Your task
Give back each line of the data exactly as it reads, minus the pictures.

Stored records

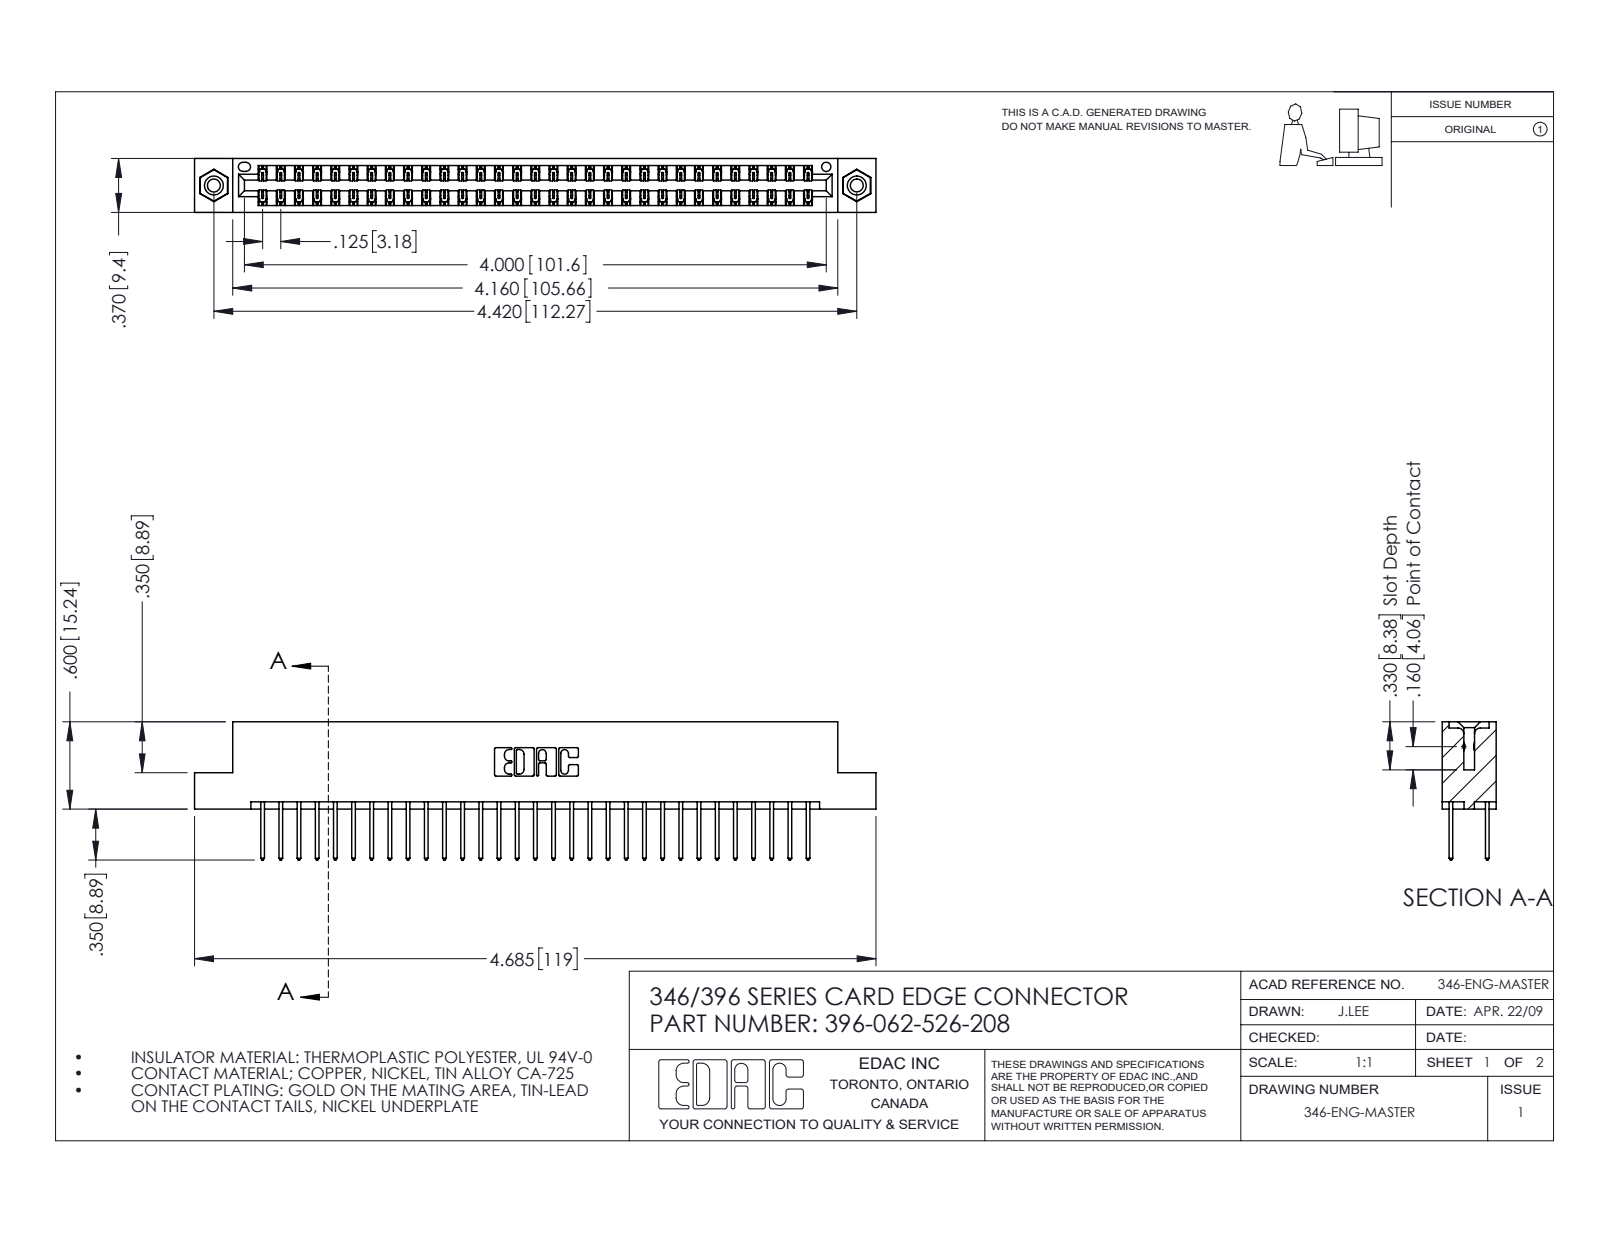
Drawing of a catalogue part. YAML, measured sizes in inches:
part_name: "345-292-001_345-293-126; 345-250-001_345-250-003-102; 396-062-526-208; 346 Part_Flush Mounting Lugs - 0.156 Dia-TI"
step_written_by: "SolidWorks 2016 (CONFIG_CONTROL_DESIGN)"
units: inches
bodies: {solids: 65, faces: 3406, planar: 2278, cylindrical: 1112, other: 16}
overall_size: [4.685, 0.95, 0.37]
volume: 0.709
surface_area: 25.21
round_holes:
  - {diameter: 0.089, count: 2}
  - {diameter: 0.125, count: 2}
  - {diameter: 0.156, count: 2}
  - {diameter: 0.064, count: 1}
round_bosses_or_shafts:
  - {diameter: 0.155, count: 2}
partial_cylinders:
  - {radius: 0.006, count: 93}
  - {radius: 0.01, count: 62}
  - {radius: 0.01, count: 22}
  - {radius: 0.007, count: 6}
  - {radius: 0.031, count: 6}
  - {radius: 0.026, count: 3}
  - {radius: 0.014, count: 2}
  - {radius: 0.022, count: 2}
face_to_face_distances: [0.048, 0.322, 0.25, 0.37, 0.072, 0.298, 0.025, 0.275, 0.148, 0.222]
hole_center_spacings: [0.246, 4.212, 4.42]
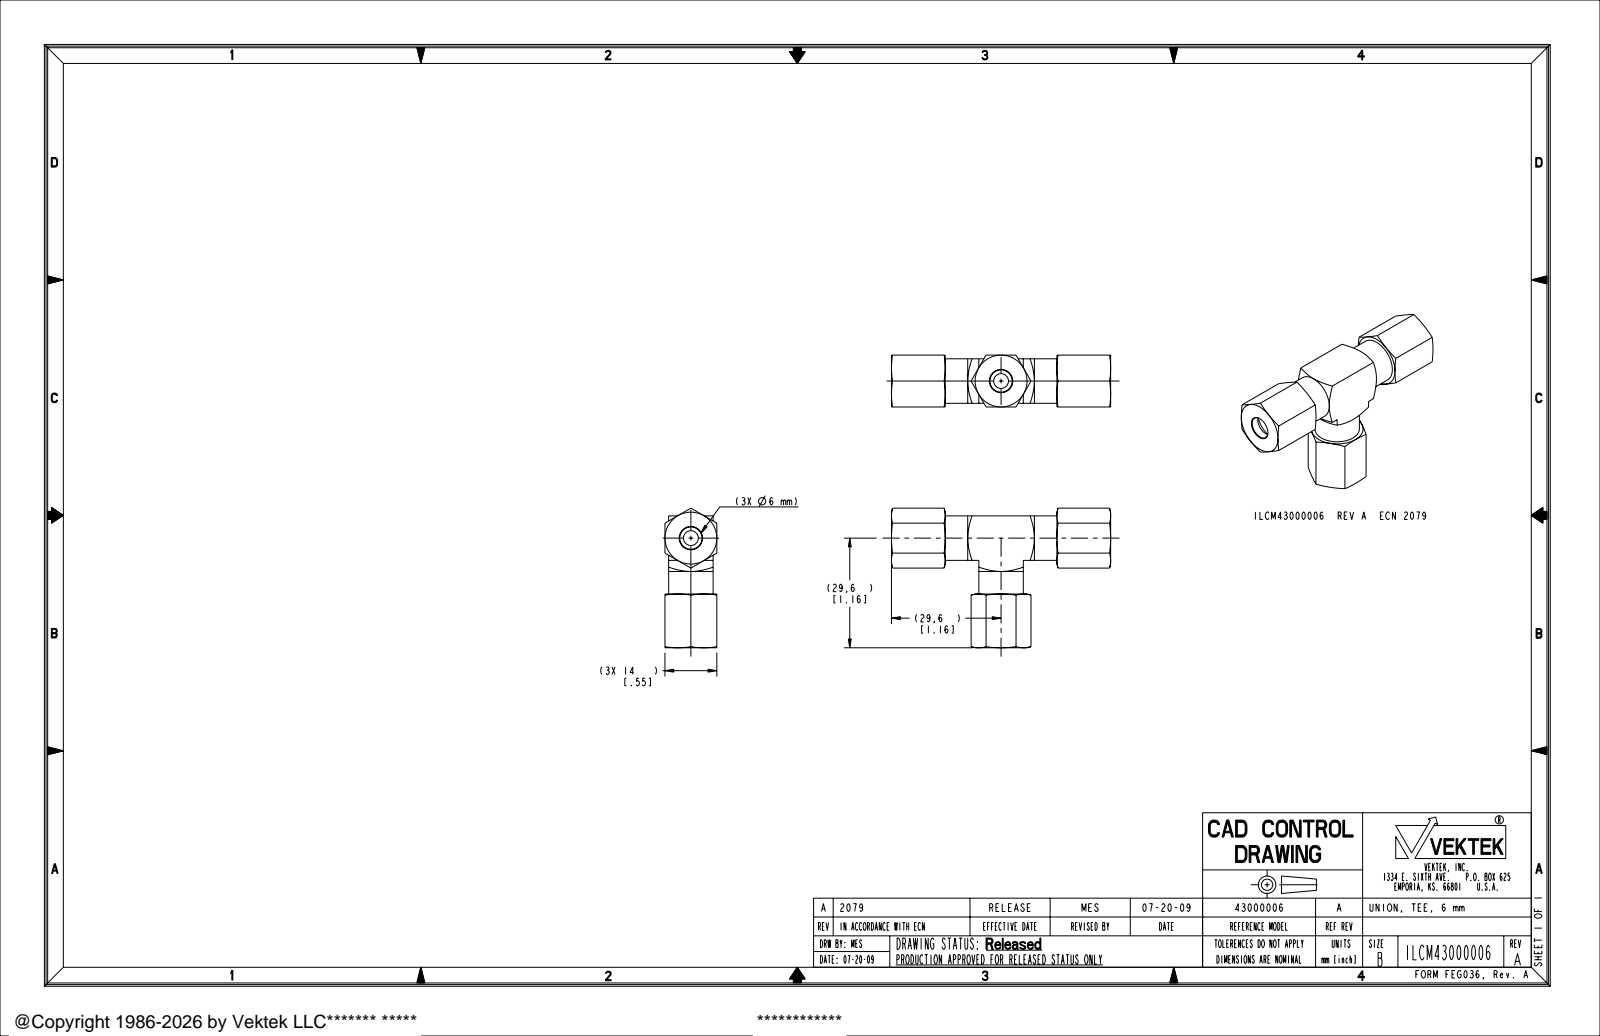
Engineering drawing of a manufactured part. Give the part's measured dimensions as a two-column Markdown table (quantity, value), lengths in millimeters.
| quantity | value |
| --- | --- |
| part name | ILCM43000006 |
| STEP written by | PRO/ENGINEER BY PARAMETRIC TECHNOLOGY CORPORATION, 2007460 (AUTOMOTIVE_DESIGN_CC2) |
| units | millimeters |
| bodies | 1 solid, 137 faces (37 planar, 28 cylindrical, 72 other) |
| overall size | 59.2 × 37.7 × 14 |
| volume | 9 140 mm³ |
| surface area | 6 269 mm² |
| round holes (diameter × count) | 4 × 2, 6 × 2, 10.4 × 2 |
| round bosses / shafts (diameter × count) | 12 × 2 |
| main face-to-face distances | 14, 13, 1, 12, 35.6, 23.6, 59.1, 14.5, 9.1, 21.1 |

Task answer
Drawing of a catalogue part. YAML, measured sizes in inches:
part_name: "345-292-001_345-293-126; 345-250-001_345-250-003-102; 396-062-526-208; 346 Part_Flush Mounting Lugs - 0.156 Dia-TI"
step_written_by: "SolidWorks 2016 (CONFIG_CONTROL_DESIGN)"
units: inches
bodies: {solids: 65, faces: 3406, planar: 2278, cylindrical: 1112, other: 16}
overall_size: [4.685, 0.95, 0.37]
volume: 0.709
surface_area: 25.21
round_holes:
  - {diameter: 0.089, count: 2}
  - {diameter: 0.125, count: 2}
  - {diameter: 0.156, count: 2}
  - {diameter: 0.064, count: 1}
round_bosses_or_shafts:
  - {diameter: 0.155, count: 2}
partial_cylinders:
  - {radius: 0.006, count: 93}
  - {radius: 0.01, count: 62}
  - {radius: 0.01, count: 22}
  - {radius: 0.007, count: 6}
  - {radius: 0.031, count: 6}
  - {radius: 0.026, count: 3}
  - {radius: 0.014, count: 2}
  - {radius: 0.022, count: 2}
face_to_face_distances: [0.048, 0.322, 0.25, 0.37, 0.072, 0.298, 0.025, 0.275, 0.148, 0.222]
hole_center_spacings: [0.246, 4.212, 4.42]
Engineering drawing of a manufactured part. Give the part's measured dimensions as a two-column Markdown table (quantity, value), lengths in millimeters.
| quantity | value |
| --- | --- |
| part name | ILCM43000006 |
| STEP written by | PRO/ENGINEER BY PARAMETRIC TECHNOLOGY CORPORATION, 2007460 (AUTOMOTIVE_DESIGN_CC2) |
| units | millimeters |
| bodies | 1 solid, 137 faces (37 planar, 28 cylindrical, 72 other) |
| overall size | 59.2 × 37.7 × 14 |
| volume | 9 140 mm³ |
| surface area | 6 269 mm² |
| round holes (diameter × count) | 4 × 2, 6 × 2, 10.4 × 2 |
| round bosses / shafts (diameter × count) | 12 × 2 |
| main face-to-face distances | 14, 13, 1, 12, 35.6, 23.6, 59.1, 14.5, 9.1, 21.1 |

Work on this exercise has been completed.